Question

In: Accounting

Meno Berhad purchased a piece of land on 1 January 2015 for RM 3 million. It...

Meno Berhad purchased a piece of land on 1 January 2015 for RM 3 million. It is the policy of the company to use the revaluation model to account for its land. The revaluation exercise is carried out an interval of 5 years. On 31 December 2019, an independent valuer valued the land at RM 4.8 million. The board of directors decided to incorporate this amount n the statement of financial position and to transfer the surplus to the statement of profit or loss.

Required:

Briefly explain whether the action by the board of directors is appropriate.

Solutions

Expert Solution

Every company has option to choose among cost model or revaluation model. In revaluation model, a company can revaluate it's fixed assets that may be building, land, machinery,etc at regular interval.

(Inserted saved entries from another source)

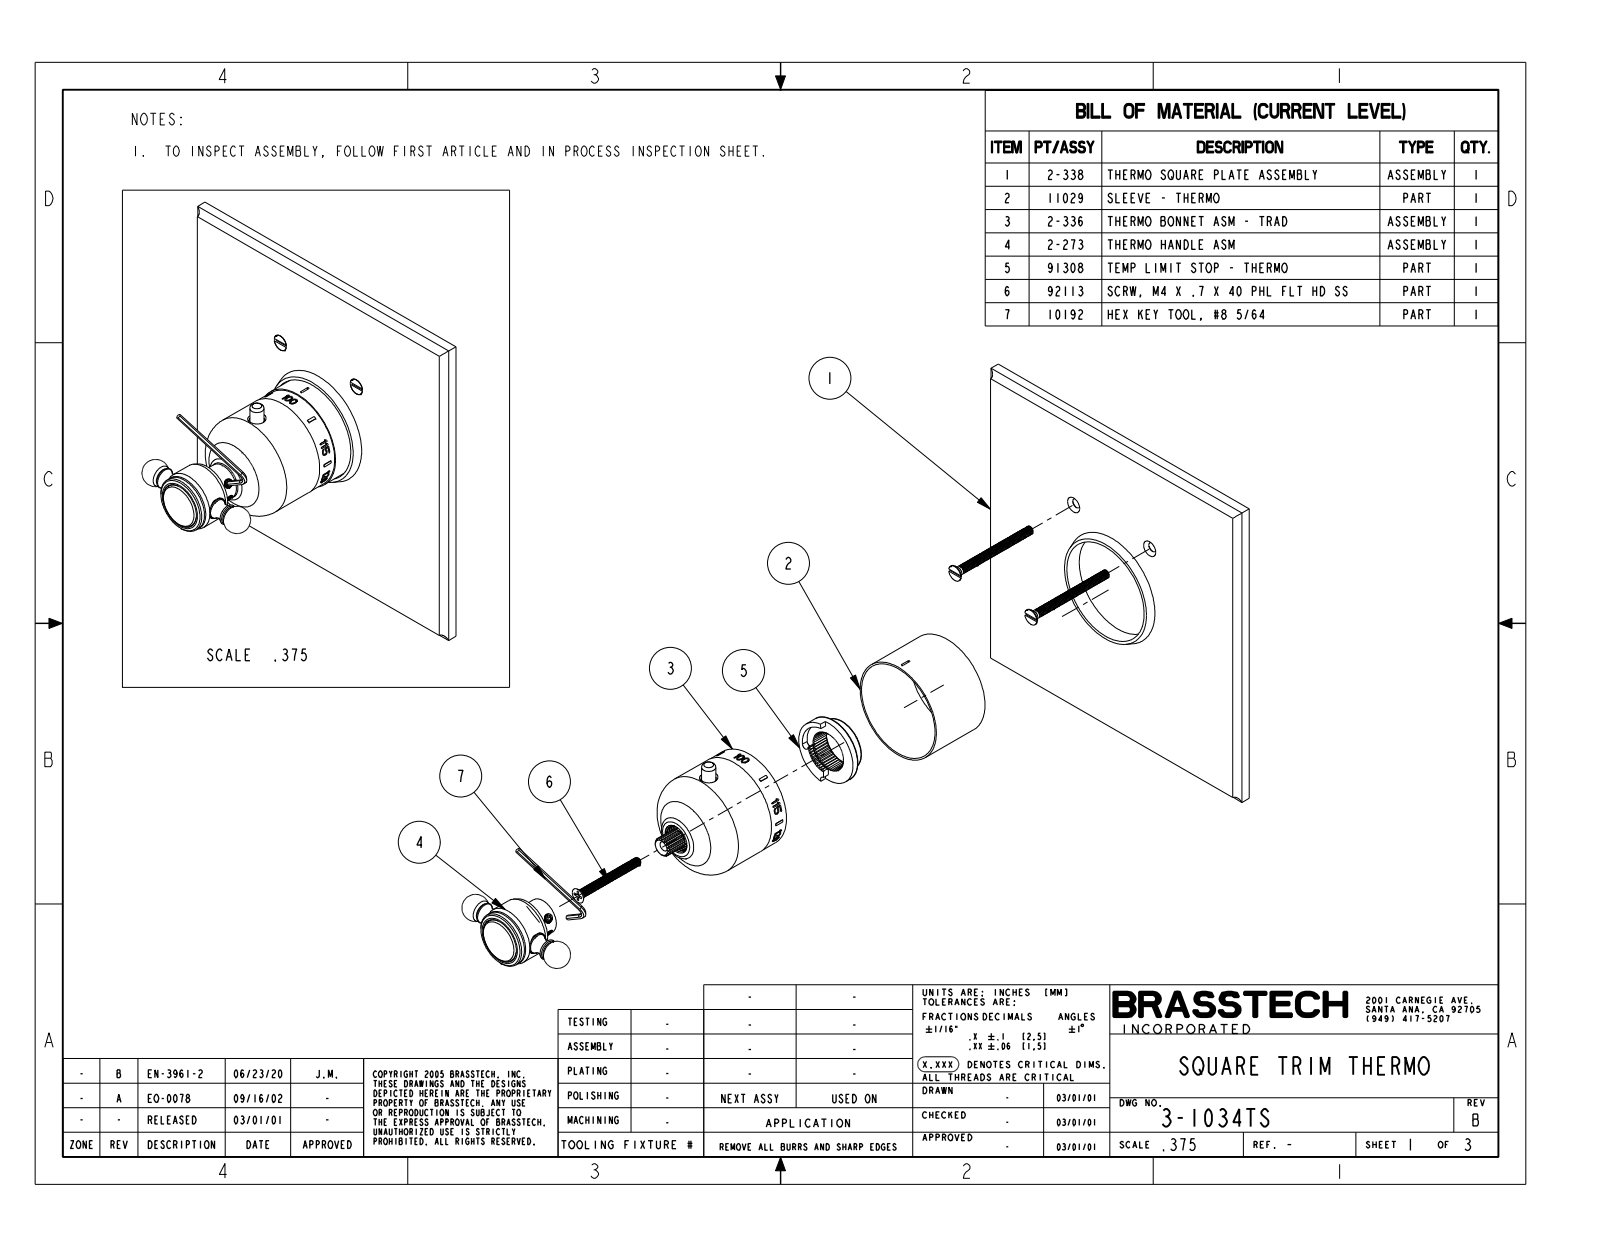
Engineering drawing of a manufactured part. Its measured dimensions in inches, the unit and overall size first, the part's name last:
Units: inches
Overall size (bounding box): 6.5 × 6.5 × 3.979
Round holes (diameter × count): ⌀0.41 ×1
Round bosses / shafts (diameter × count): ⌀1.97 ×1, ⌀1.94 ×1, ⌀1.929 ×1, ⌀1.115 ×1, ⌀1.055 ×1, ⌀0.687 ×1, ⌀0.392 ×1, ⌀0.37 ×1
Partial cylindrical surfaces — rounded edges, fillets, slot ends (radius × count): R0.125 ×4, R0.969 ×1
Main face-to-face distances: 0.313, 6.5, 2.748, 2.435, 2.779, 2.466, 0.031, 0.854, 0.541, 1.894
Volume: 20.49 in³ · Surface area: 111 in²
Bodies: 1 solid, 442 faces (341 planar, 49 cylindrical, 52 other)
Part name (STEP PRODUCT): 3-1034TS
STEP written by: CREO PARAMETRIC BY PTC INC, 2018400 (CONFIG_CONTROL_DESIGN)

As given in question, company is using revaluation modelz where revaluation is to be exercised every 5 years.

Under the revaluation model, any required adjustments upper or lower is being allowed to any company. With this comes a rule that the gain or any surplus obtained from this revaluation, is not to be recognised in the income statement or profit or loss account. Instead it has to be disclosed in the statement of comprehensive income.

As discussed in the question above, the independent values has valued the land at the correct intervals that is 5 year as the land was bought on 1st Jan, 2015 and after interval of 5 years or completion of 5 year that is on 31st Dec, 2019, he revalued the land. So the interval is correct for revaluation.

But the board of directors decision to incorporate the amount to statements of financial position and recording the surplus as gain in the prifur and loss account is not appropriate as it would s the rule for revaluation model that , the surplus or gain has not to be recorded in the profit or loss or income statement. Instead there is need to make a statement of comprehensive income to disclose it.

Thus, it is clear that the action taken by the board of directors is wrong and not appropriate as they decided to record the gain realised in income statements.